Please report, as a single number with no other text, how many lines of the listing contain "linetype".

BEGIN

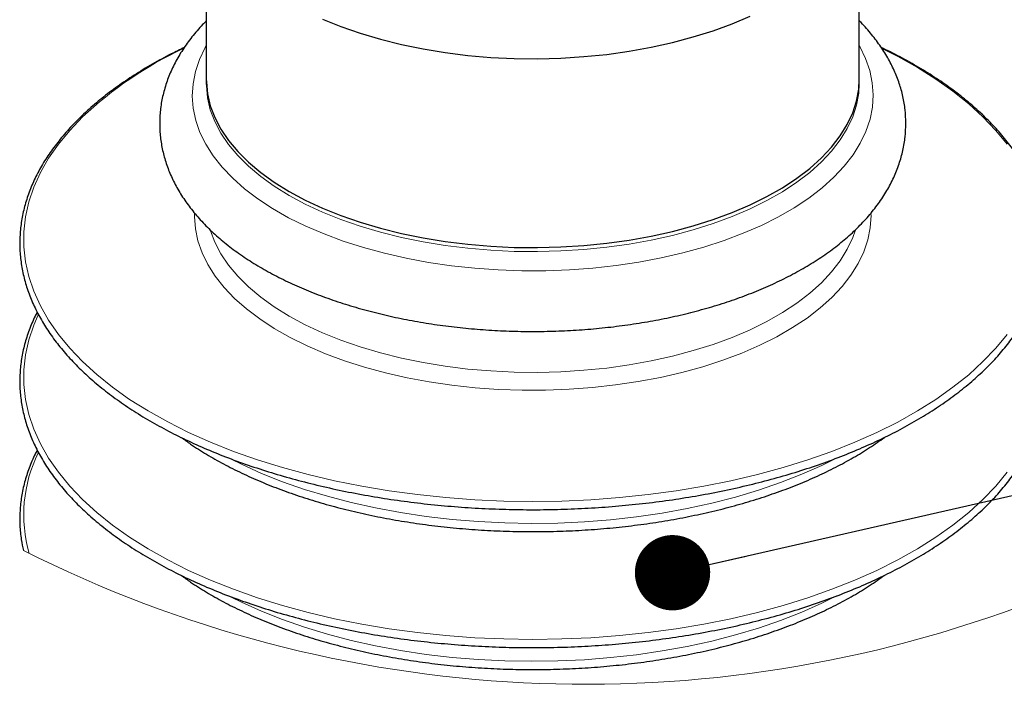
# Model space of a CAD drawing. Header units: millimetres. Extents: x 0 to 305, y 0 to 297.
# Tile 8 of 39: x 123 to 138, y 114 to 124. Entities that reach past the tile are written whole.
import ezdxf

# ---------------------------------------------------------------- set-up
doc = ezdxf.new("R2010")
doc.units = ezdxf.units.MM
doc.layers.add('ОСНОВНАЯ_НАДПИСЬ', color=7, linetype='Continuous')
doc.styles.get("Standard").update_dxf_attribs({"font": 'ГОСТ тип А'})
doc.dimstyles.new('SLDDIMSTYLE3', dxfattribs={"dimtxt": 0.18, "dimasz": 1.076923, "dimexe": 0, "dimexo": 0.0625, "dimgap": 0, "dimtad": 0, "dimtih": 1, "dimtoh": 1, "dimdec": 0, "dimrnd": 1e-09, "dimzin": 0, "dimdsep": 46, "dimtxsty": 'Standard', "dimblk1": 'DOT', "dimblk2": 'DOT', "dimsah": 1, "dimcen": 0.09, "dimadec": 0, "dimazin": 0, "dimtfac": 1.076923, "dimtdec": 0, "dimtofl": 0, "dimtmove": 0, "dimatfit": 3, "dimldrblk": 'DOT', "dimfxl": 1, "dimfrac": 2, "dimtolj": 1, "dimtzin": 0, "dimarcsym": 0})

# ---------------------------------------------------------------- blocks, each defined once
blk = doc.blocks.new('_Dot')
at = {"color": 0, "linetype": 'ByBlock', "lineweight": -2}
blk.add_line((-0.5, 0), (-1, 0), dxfattribs=at)
at = {"color": 0, "linetype": 'ByBlock', "const_width": 0.5}
blk.add_lwpolyline([(-0.25, 0, 1), (0.25, 0, 1)], format="xyb", close=True, dxfattribs=at)

msp = doc.modelspace()

# ---------------------------------------------------------------- linework, layer by layer
at = {"color": 7, "linetype": 'Continuous', "lineweight": 25}
for p, q in [((126.1631, 125.604), (126.1631, 122.904)), ((135.4964, 122.904), (135.4964, 125.604)), ((126.1631, 122.904), (126.1631, 122.8468)), ((135.4964, 122.8468), (135.4964, 122.904))]:
    msp.add_line(p, q, dxfattribs=at)
at = {"color": 7, "linetype": 'Continuous', "lineweight": 25, "flags": 128}
for points in [[(127.8243, 123.7653), (128.0866, 123.6596), (128.3629, 123.5638), (128.6518, 123.4783)], [(128.6518, 123.4783), (128.9518, 123.4037), (129.2614, 123.3403), (129.5789, 123.2885), (129.9028, 123.2484), (130.2315, 123.2204), (130.5632, 123.2044), (130.8962, 123.2008), (131.2289, 123.2093), (131.5596, 123.2301), (131.8866, 123.263), (132.2081, 123.3078), (132.5227, 123.3643), (132.8286, 123.4322), (133.1244, 123.5111), (133.4084, 123.6008), (133.6793, 123.7006), (133.9357, 123.8102)], [(126.1631, 122.904), (126.1635, 122.8697), (126.1802, 122.6984), (126.2205, 122.528), (126.2843, 122.3596), (126.3713, 122.194), (126.481, 122.032), (126.6128, 121.8745), (126.7662, 121.7221), (126.9402, 121.5758), (127.1341, 121.4363), (127.3468, 121.3043), (127.5772, 121.1804), (127.8243, 121.0653), (128.0866, 120.9595), (128.3629, 120.8637), (128.6518, 120.7782), (128.9518, 120.7036), (129.2614, 120.6402), (129.5789, 120.5884), (129.9028, 120.5483), (130.2315, 120.5203), (130.5632, 120.5044), (130.8962, 120.5007), (131.2289, 120.5093), (131.5596, 120.53), (131.8866, 120.5629), (132.2081, 120.6077), (132.5227, 120.6642), (132.8286, 120.7321), (133.1244, 120.8111), (133.4084, 120.9007), (133.6793, 121.0006), (133.9357, 121.1101), (134.1762, 121.2288), (134.3997, 121.356), (134.6051, 121.4911), (134.7911, 121.6335), (134.957, 121.7822), (135.1019, 121.9367), (135.225, 122.0962), (135.3256, 122.2597), (135.4034, 122.4266), (135.4579, 122.5958), (135.4888, 122.7667), (135.4964, 122.904)], [(126.1631, 122.904), (126.1635, 122.8697), (126.1802, 122.6984), (126.2205, 122.528), (126.2843, 122.3596), (126.3713, 122.194), (126.481, 122.032), (126.6128, 121.8745), (126.7662, 121.7221), (126.9402, 121.5758), (127.1341, 121.4363), (127.3468, 121.3043), (127.5772, 121.1804), (127.8243, 121.0653), (128.0866, 120.9595), (128.3629, 120.8637), (128.6518, 120.7782)], [(128.6518, 120.7782), (128.9518, 120.7036), (129.2614, 120.6402), (129.5789, 120.5884), (129.9028, 120.5483), (130.2315, 120.5203), (130.5632, 120.5044), (130.8962, 120.5007), (131.2289, 120.5093), (131.5596, 120.53), (131.8866, 120.5629), (132.2081, 120.6077), (132.5227, 120.6642), (132.8286, 120.7321), (133.1244, 120.8111), (133.4084, 120.9007), (133.6793, 121.0006), (133.9357, 121.1101), (134.1762, 121.2288), (134.3997, 121.356), (134.6051, 121.4911), (134.7911, 121.6335), (134.957, 121.7822), (135.1019, 121.9367), (135.225, 122.0962), (135.3256, 122.2597), (135.4034, 122.4266), (135.4579, 122.5958), (135.4888, 122.7667), (135.4964, 122.904)]]:
    msp.add_lwpolyline(points, dxfattribs=at)
at = {"color": 7, "linetype": 'Continuous', "lineweight": 18, "flags": 128}
for points in [[(126.1631, 123.3866), (126.1474, 123.3587), (126.0663, 123.1888), (126.0083, 123.0164), (125.9739, 122.8424), (125.9631, 122.6675), (125.976, 122.4927), (126.0126, 122.3187), (126.0726, 122.1465), (126.1558, 121.9769), (126.2618, 121.8107), (126.39, 121.6487), (126.5399, 121.4917), (126.7107, 121.3405), (126.9015, 121.1957), (127.1115, 121.0582), (127.3396, 120.9285), (127.5847, 120.8074), (127.8456, 120.6954), (128.121, 120.593), (128.4096, 120.5007), (128.7101, 120.4191), (129.0208, 120.3484), (129.3404, 120.2891), (129.6672, 120.2414), (129.9997, 120.2056), (130.3362, 120.1818), (130.6752, 120.1701), (131.0149, 120.1707), (131.3536, 120.1834), (131.6899, 120.2083), (132.0219, 120.2452), (132.3481, 120.294), (132.667, 120.3543), (132.9769, 120.426), (133.2763, 120.5086), (133.5638, 120.6018), (133.838, 120.7051), (134.0975, 120.8179), (134.3411, 120.9399), (134.5676, 121.0703), (134.7759, 121.2085), (134.965, 121.3538), (135.1339, 121.5056), (135.2818, 121.6631), (135.4081, 121.8255), (135.5121, 121.9921), (135.5932, 122.1619), (135.6511, 122.3343), (135.6856, 122.5084), (135.6964, 122.6833), (135.6835, 122.8581), (135.6469, 123.032), (135.5868, 123.2042), (135.5036, 123.3738), (135.4964, 123.3866)], [(137.6111, 121.9795), (137.4493, 122.1767), (137.2659, 122.3688), (137.0616, 122.5552), (136.8369, 122.7353), (136.5926, 122.9085), (136.3295, 123.0742), (136.0485, 123.2319), (135.8287, 123.3436)], [(126.1631, 122.8434), (126.1635, 122.8126), (126.1802, 122.6412), (126.2205, 122.4709), (126.2843, 122.3025), (126.3713, 122.1369), (126.481, 121.9749), (126.6128, 121.8173), (126.7662, 121.665), (126.9402, 121.5187), (127.1341, 121.3792), (127.3468, 121.2471), (127.5772, 121.1232), (127.8243, 121.0081), (128.0866, 120.9024), (128.3629, 120.8065), (128.6518, 120.7211), (128.9518, 120.6465), (129.2614, 120.5831), (129.5789, 120.5312), (129.9028, 120.4912), (130.2315, 120.4631), (130.5632, 120.4472), (130.8962, 120.4435), (131.2289, 120.4521), (131.5596, 120.4729), (131.8866, 120.5057), (132.2081, 120.5505), (132.5227, 120.607), (132.8286, 120.6749), (133.1244, 120.7539), (133.4084, 120.8436), (133.6793, 120.9434), (133.9357, 121.053), (134.1762, 121.1717), (134.3997, 121.2989), (134.6051, 121.434), (134.7911, 121.5763), (134.957, 121.7251), (135.1019, 121.8796), (135.225, 122.039), (135.3256, 122.2026), (135.4034, 122.3694), (135.4579, 122.5387), (135.4888, 122.7095), (135.4964, 122.8468)], [(124.3937, 122.369), (124.2103, 122.1769), (124.0485, 121.9798), (123.9089, 121.7782), (123.7918, 121.5728), (123.6976, 121.3643), (123.6267, 121.1534), (123.5793, 120.9407), (123.5556, 120.727), (123.5556, 120.5129), (123.5793, 120.2992), (123.6267, 120.0866), (123.6975, 119.8757), (123.7917, 119.6672), (123.9087, 119.4618), (124.0484, 119.2602), (124.2102, 119.063), (124.3935, 118.8709), (124.5979, 118.6845), (124.8226, 118.5044), (125.0668, 118.3312), (125.3299, 118.1655), (125.6109, 118.0078), (125.909, 117.8586), (126.2231, 117.7185), (126.5522, 117.5877), (126.8952, 117.4669), (127.2511, 117.3564), (127.6187, 117.2565), (127.9968, 117.1675), (128.384, 117.0899), (128.7793, 117.0237), (129.1813, 116.9693), (129.5886, 116.9268), (130, 116.8963), (130.4141, 116.878), (130.8295, 116.8719), (131.2449, 116.878), (131.659, 116.8963), (132.0704, 116.9267), (132.4777, 116.9692), (132.8797, 117.0237), (133.275, 117.0898), (133.6623, 117.1675), (134.0403, 117.2564), (134.4079, 117.3563), (134.7638, 117.4668), (135.1069, 117.5876), (135.436, 117.7183), (135.7501, 117.8585), (136.0482, 118.0077), (136.3292, 118.1654), (136.5923, 118.3311), (136.8366, 118.5042), (137.0613, 118.6843), (137.2657, 118.8707), (137.4491, 119.0628), (137.6109, 119.2599)], [(125.9948, 120.9834), (125.9944, 120.9435), (126.0072, 120.7698), (126.0435, 120.597), (126.1032, 120.4259), (126.1859, 120.2574), (126.2912, 120.0922), (126.4186, 119.9313), (126.5675, 119.7753), (126.7372, 119.625), (126.9268, 119.4812), (127.1354, 119.3446), (127.362, 119.2157), (127.6055, 119.0954), (127.8648, 118.9841), (128.1384, 118.8823), (128.4252, 118.7907), (128.7237, 118.7096), (129.0325, 118.6394), (129.35, 118.5804), (129.6747, 118.533), (130.005, 118.4974), (130.3394, 118.4738), (130.6762, 118.4622), (131.0137, 118.4627), (131.3503, 118.4754), (131.6843, 118.5001), (132.0142, 118.5368), (132.3384, 118.5853), (132.6552, 118.6452), (132.9631, 118.7164), (133.2606, 118.7985), (133.5462, 118.8911), (133.8186, 118.9937), (134.0765, 119.1059), (134.3185, 119.227), (134.5436, 119.3565), (134.7505, 119.4939), (134.9384, 119.6383), (135.1062, 119.7891), (135.2532, 119.9456), (135.3787, 120.1069), (135.482, 120.2724), (135.5626, 120.4412), (135.6201, 120.6125), (135.6544, 120.7854), (135.6651, 120.9592), (135.6646, 120.9867)], [(126.2225, 120.7383), (126.2843, 120.5764), (126.3713, 120.4107), (126.481, 120.2487), (126.6128, 120.0912), (126.7662, 119.9388), (126.9402, 119.7926), (127.1341, 119.653), (127.3468, 119.521), (127.5772, 119.3971), (127.8243, 119.282), (128.0866, 119.1762), (128.3629, 119.0804), (128.6518, 118.995), (128.9518, 118.9204), (129.2614, 118.857), (129.5789, 118.8051), (129.9028, 118.765), (130.2315, 118.737), (130.5632, 118.7211), (130.8962, 118.7174), (131.2289, 118.726), (131.5596, 118.7467), (131.8866, 118.7796), (132.2081, 118.8244), (132.5227, 118.8809), (132.8286, 118.9488), (133.1244, 119.0278), (133.4084, 119.1174), (133.6793, 119.2173), (133.9357, 119.3268), (134.1762, 119.4455), (134.3997, 119.5727), (134.6051, 119.7079), (134.7911, 119.8502), (134.957, 119.999), (135.1019, 120.1535), (135.225, 120.3129), (135.3256, 120.4764), (135.4034, 120.6433), (135.4376, 120.7404)], [(123.7612, 119.5392), (123.6976, 119.3928), (123.6267, 119.1819), (123.5793, 118.9692), (123.5556, 118.7555), (123.5556, 118.5415), (123.5793, 118.3278), (123.6267, 118.1151), (123.6975, 117.9042), (123.7917, 117.6957), (123.9087, 117.4903), (124.0484, 117.2887), (124.2102, 117.0915), (124.3935, 116.8994), (124.5979, 116.713), (124.8226, 116.5329), (125.0668, 116.3598), (125.3299, 116.1941), (125.6109, 116.0363), (125.909, 115.8872), (126.2231, 115.747), (126.5522, 115.6163), (126.8952, 115.4954), (127.2511, 115.3849), (127.6187, 115.285), (127.9968, 115.1961), (128.384, 115.1184), (128.7793, 115.0522), (129.1813, 114.9978), (129.5886, 114.9553), (130, 114.9248), (130.4141, 114.9065), (130.8295, 114.9004), (131.2449, 114.9065), (131.659, 114.9248), (132.0704, 114.9553), (132.4777, 114.9978), (132.8797, 115.0522), (133.275, 115.1183), (133.6623, 115.196), (134.0403, 115.2849), (134.4079, 115.3848), (134.7638, 115.4953), (135.1069, 115.6161), (135.436, 115.7468), (135.7501, 115.887), (136.0482, 116.0362), (136.3292, 116.1939), (136.5923, 116.3596), (136.8366, 116.5327), (137.0613, 116.7128), (137.2657, 116.8992), (137.4491, 117.0913), (137.6109, 117.2885)], [(126.5284, 117.4702), (126.6649, 117.4027), (126.9509, 117.2738), (127.2519, 117.1543), (127.5668, 117.0447), (127.8943, 116.9454), (128.2332, 116.8567), (128.5821, 116.7791), (128.9397, 116.7128), (129.3046, 116.658), (129.6754, 116.6151), (130.0507, 116.5841), (130.429, 116.5652), (130.8088, 116.5585), (131.1887, 116.5639), (131.5673, 116.5814), (131.9429, 116.6111), (132.3143, 116.6527), (132.6799, 116.7062), (133.0384, 116.7712), (133.3883, 116.8476), (133.7284, 116.9351), (134.0572, 117.0332), (134.3735, 117.1418), (134.6761, 117.2602), (134.9639, 117.3881), (135.174, 117.4924)], [(126.5284, 115.4988), (126.6649, 115.4312), (126.9509, 115.3023), (127.2519, 115.1828), (127.5668, 115.0732), (127.8943, 114.9739), (128.2332, 114.8852), (128.5821, 114.8076), (128.9397, 114.7413), (129.3046, 114.6866), (129.6754, 114.6436), (130.0507, 114.6126), (130.429, 114.5937), (130.8088, 114.587), (131.1887, 114.5924), (131.5673, 114.61), (131.9429, 114.6396), (132.3143, 114.6812), (132.6799, 114.7347), (133.0384, 114.7997), (133.3883, 114.8761), (133.7284, 114.9636), (134.0572, 115.0618), (134.3735, 115.1703), (134.6761, 115.2887), (134.9639, 115.4166), (135.174, 115.5209)]]:
    msp.add_lwpolyline(points, dxfattribs=at)
at = {"color": 7, "linetype": 'Continuous', "lineweight": 18}
for centre, radius, start, end in [((128.1721, 118.3435), 5.5209, 115.18368, 133.18607), ((125.5491, 116.6814), 1.9956, 153.63313, 196.05054), ((131.5878, 132.107), 17.8488, 243.23232, 291.05372)]:
    msp.add_arc(centre, radius, start, end, dxfattribs=at)
at = {"color": 7, "linetype": 'Continuous', "lineweight": 25}
for points, knots in [([(126.1631, 123.7419), (126.1451, 123.7238), (126.0725, 123.6508), (125.9565, 123.5152), (125.8241, 123.3329), (125.7137, 123.1449), (125.6256, 122.9535), (125.56, 122.7598), (125.5167, 122.565), (125.4954, 122.3703), (125.4956, 122.1765), (125.5171, 121.9842), (125.5593, 121.7942), (125.622, 121.6069), (125.7052, 121.4228), (125.8089, 121.2421), (125.9329, 121.0656), (126.0772, 120.8937), (126.2414, 120.7275), (126.4248, 120.5678), (126.6264, 120.4154), (126.8451, 120.2711), (127.0797, 120.1355), (127.3289, 120.0092), (127.5916, 119.8925), (127.8664, 119.7857), (128.1524, 119.6891), (128.4483, 119.6028), (128.7531, 119.527), (129.0656, 119.4619), (129.3845, 119.4077), (129.7088, 119.3644), (130.0373, 119.3321), (130.3686, 119.311), (130.7017, 119.3011), (131.0352, 119.3024), (131.3679, 119.3149), (131.6985, 119.3386), (132.0259, 119.3734), (132.3489, 119.4192), (132.6661, 119.4759), (132.9766, 119.5433), (133.2791, 119.6214), (133.5725, 119.71), (133.8558, 119.8088), (134.1278, 119.9178), (134.3877, 120.0367), (134.6342, 120.1654), (134.8665, 120.3037), (135.0833, 120.4513), (135.2835, 120.6079), (135.4658, 120.773), (135.6289, 120.9459), (135.7717, 121.1257), (135.8932, 121.3111), (135.9925, 121.501), (136.0694, 121.6937), (136.1239, 121.8881), (136.1561, 122.0829), (136.1666, 122.2773), (136.1557, 122.4705), (136.1239, 122.6616), (136.0714, 122.8503), (135.9985, 123.0361), (135.905, 123.2185), (135.7915, 123.3975), (135.6562, 123.5707), (135.5563, 123.6862), (135.4986, 123.7403), (135.4964, 123.7424)], [0, 0, 0, 0, 0.0045854, 0.018563, 0.0320869, 0.0451407, 0.0577587, 0.0699952, 0.0819232, 0.0936307, 0.1052157, 0.1167821, 0.1284136, 0.1402185, 0.1523025, 0.1647635, 0.1776855, 0.1911324, 0.2051441, 0.2197374, 0.2349091, 0.2506438, 0.2669185, 0.2837012, 0.3009637, 0.3186777, 0.3368122, 0.3553329, 0.3742024, 0.3933803, 0.4128231, 0.4324848, 0.4523174, 0.472271, 0.4922949, 0.5123374, 0.5323464, 0.552269, 0.5720548, 0.5916546, 0.6110213, 0.6301104, 0.6488803, 0.6672935, 0.6853161, 0.7029196, 0.7200802, 0.7367796, 0.7530051, 0.768749, 0.7840032, 0.798761, 0.8130215, 0.8267888, 0.840075, 0.8529058, 0.8653254, 0.8773976, 0.8892038, 0.9008375, 0.9124002, 0.9239854, 0.9356899, 0.9476212, 0.9598819, 0.9725635, 0.9857408, 0.999466, 1, 1, 1, 1]), ([(125.8489, 123.3608), (125.7854, 123.3304), (125.629, 123.2555), (125.3893, 123.1239), (125.133, 122.9692), (124.893, 122.807), (124.67, 122.6383), (124.4931, 122.4875), (124.3588, 122.3613), (124.2339, 122.2352), (124.0949, 122.0797), (123.9479, 121.8887), (123.8207, 121.6937), (123.714, 121.4952), (123.6279, 121.2939), (123.5628, 121.0905), (123.5189, 120.8856), (123.4963, 120.6799), (123.4949, 120.4739), (123.5147, 120.2685), (123.5557, 120.064), (123.6176, 119.8612), (123.7003, 119.6604), (123.8036, 119.4624), (123.9272, 119.2676), (124.0707, 119.0767), (124.2337, 118.8901), (124.4158, 118.7084), (124.6163, 118.5323), (124.8347, 118.362), (125.0703, 118.1983), (125.3224, 118.0415), (125.5902, 117.892), (125.873, 117.7503), (126.17, 117.6167), (126.4802, 117.4916), (126.8028, 117.3754), (127.1369, 117.2683), (127.4815, 117.1707), (127.8357, 117.0828), (128.1984, 117.0049), (128.5686, 116.9371), (128.9452, 116.8797), (129.3272, 116.8328), (129.7135, 116.7965), (130.103, 116.771), (130.4945, 116.7563), (130.887, 116.7524), (131.2793, 116.7595), (131.6704, 116.7773), (132.059, 116.806), (132.4441, 116.8454), (132.8247, 116.8953), (133.1995, 116.9558), (133.5676, 117.0265), (133.9278, 117.1074), (134.2793, 117.1981), (134.6209, 117.2985), (134.9517, 117.4083), (135.2708, 117.5271), (135.5772, 117.6547), (135.8701, 117.7906), (136.1486, 117.9346), (136.412, 118.0863), (136.6594, 118.2453), (136.8902, 118.411), (137.1037, 118.5832), (137.2992, 118.7613), (137.4761, 118.9449), (137.6338, 119.1334), (137.7719, 119.3263), (137.8898, 119.5229), (137.9872, 119.7228), (138.0638, 119.9251), (138.1192, 120.1293), (138.1535, 120.3347), (138.1665, 120.5406), (138.1582, 120.7464), (138.1288, 120.9514), (138.0782, 121.1552), (138.0068, 121.3572), (137.9147, 121.5567), (137.8022, 121.7534), (137.6695, 121.9465), (137.517, 122.1355), (137.3453, 122.3199), (137.1548, 122.4992), (136.946, 122.6727), (136.7197, 122.84), (136.4766, 123.0008), (136.217, 123.1538), (135.9939, 123.2744), (135.8555, 123.3395), (135.8109, 123.3605)], [0, 0, 0, 0, 0.0082307, 0.0202865, 0.0319611, 0.0432485, 0.0541465, 0.0646572, 0.070423, 0.0756945, 0.0854212, 0.0948019, 0.1038588, 0.1126228, 0.1211317, 0.1294302, 0.1375691, 0.1456052, 0.1535992, 0.1616141, 0.1697107, 0.1779493, 0.1863857, 0.1950695, 0.2040428, 0.2133395, 0.2229863, 0.2330028, 0.2434021, 0.2541917, 0.2653742, 0.2769477, 0.2889062, 0.3012402, 0.3139374, 0.3269824, 0.3403572, 0.3540416, 0.3680132, 0.3822478, 0.3967196, 0.4114013, 0.4262645, 0.4412796, 0.4564162, 0.4716434, 0.4869297, 0.5022432, 0.517552, 0.532824, 0.5480275, 0.5631311, 0.5781039, 0.592916, 0.6075379, 0.6219417, 0.6361006, 0.6499892, 0.6635839, 0.6768631, 0.6898073, 0.7023996, 0.7146257, 0.7264745, 0.7379384, 0.7490134, 0.7596995, 0.7700014, 0.7799288, 0.7894969, 0.798727, 0.8076465, 0.8162895, 0.8246969, 0.8329162, 0.841001, 0.8490102, 0.8570059, 0.8650503, 0.8732041, 0.8815261, 0.8900692, 0.8988798, 0.9079963, 0.9174493, 0.9272622, 0.9374513, 0.9480274, 0.9589955, 0.9703562, 0.9821056, 0.9942361, 1, 1, 1, 1]), ([(123.7469, 119.5781), (123.7364, 119.5589), (123.691, 119.4759), (123.6287, 119.3221), (123.5626, 119.1191), (123.519, 118.9141), (123.4962, 118.7084), (123.4949, 118.5025), (123.5147, 118.297), (123.5557, 118.0925), (123.6176, 117.8897), (123.7003, 117.689), (123.8036, 117.4909), (123.9272, 117.2961), (124.0707, 117.1052), (124.2337, 116.9186), (124.4158, 116.7369), (124.6163, 116.5608), (124.8347, 116.3906), (125.0703, 116.2268), (125.3224, 116.07), (125.5902, 115.9205), (125.873, 115.7788), (126.17, 115.6452), (126.4802, 115.5202), (126.8028, 115.4039), (127.1369, 115.2969), (127.4815, 115.1992), (127.8357, 115.1113), (128.1984, 115.0334), (128.5686, 114.9656), (128.9452, 114.9082), (129.3272, 114.8613), (129.7135, 114.825), (130.103, 114.7995), (130.4945, 114.7848), (130.887, 114.781), (131.2793, 114.788), (131.6704, 114.8058), (132.059, 114.8345), (132.4441, 114.8739), (132.8247, 114.9239), (133.1995, 114.9843), (133.5676, 115.0551), (133.9278, 115.1359), (134.2793, 115.2267), (134.6209, 115.327), (134.9517, 115.4368), (135.2708, 115.5556), (135.5772, 115.6832), (135.8701, 115.8192), (136.1486, 115.9632), (136.412, 116.1148), (136.6594, 116.2738), (136.8902, 116.4396), (137.1037, 116.6117), (137.2992, 116.7899), (137.4761, 116.9734), (137.6338, 117.1619), (137.7719, 117.3548), (137.8898, 117.5515), (137.9872, 117.7513), (138.0638, 117.9536), (138.1192, 118.1578), (138.1535, 118.3632), (138.1665, 118.5691), (138.1582, 118.7749), (138.1288, 118.98), (138.0781, 119.1836), (138.0078, 119.3854), (137.9454, 119.5146), (137.9139, 119.5797)], [0, 0, 0, 0, 0.0032748, 0.014185, 0.0248253, 0.035261, 0.0455648, 0.0558147, 0.0660915, 0.0764728, 0.0870363, 0.0978535, 0.1089879, 0.1204932, 0.1324136, 0.1447827, 0.1576258, 0.1709597, 0.1847941, 0.1991323, 0.2139718, 0.2293049, 0.2451195, 0.2613998, 0.2781261, 0.2952752, 0.3128213, 0.3307357, 0.3489873, 0.367543, 0.3863678, 0.4054253, 0.4246776, 0.4440858, 0.4636101, 0.4832101, 0.502845, 0.5224738, 0.5420556, 0.5615494, 0.5809152, 0.6001134, 0.6191053, 0.6378535, 0.6563221, 0.6744765, 0.6922844, 0.7097155, 0.726742, 0.7433391, 0.7594849, 0.7751612, 0.7903537, 0.8050527, 0.8192529, 0.8329546, 0.8461637, 0.8588926, 0.8711608, 0.8829956, 0.8944322, 0.9055142, 0.9162941, 0.9268328, 0.9371993, 0.9474686, 0.9577206, 0.9680351, 0.97849, 0.9891603, 1, 1, 1, 1]), ([(125.8061, 117.7863), (125.8496, 117.7544), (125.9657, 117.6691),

END

▶ Answer for the task
8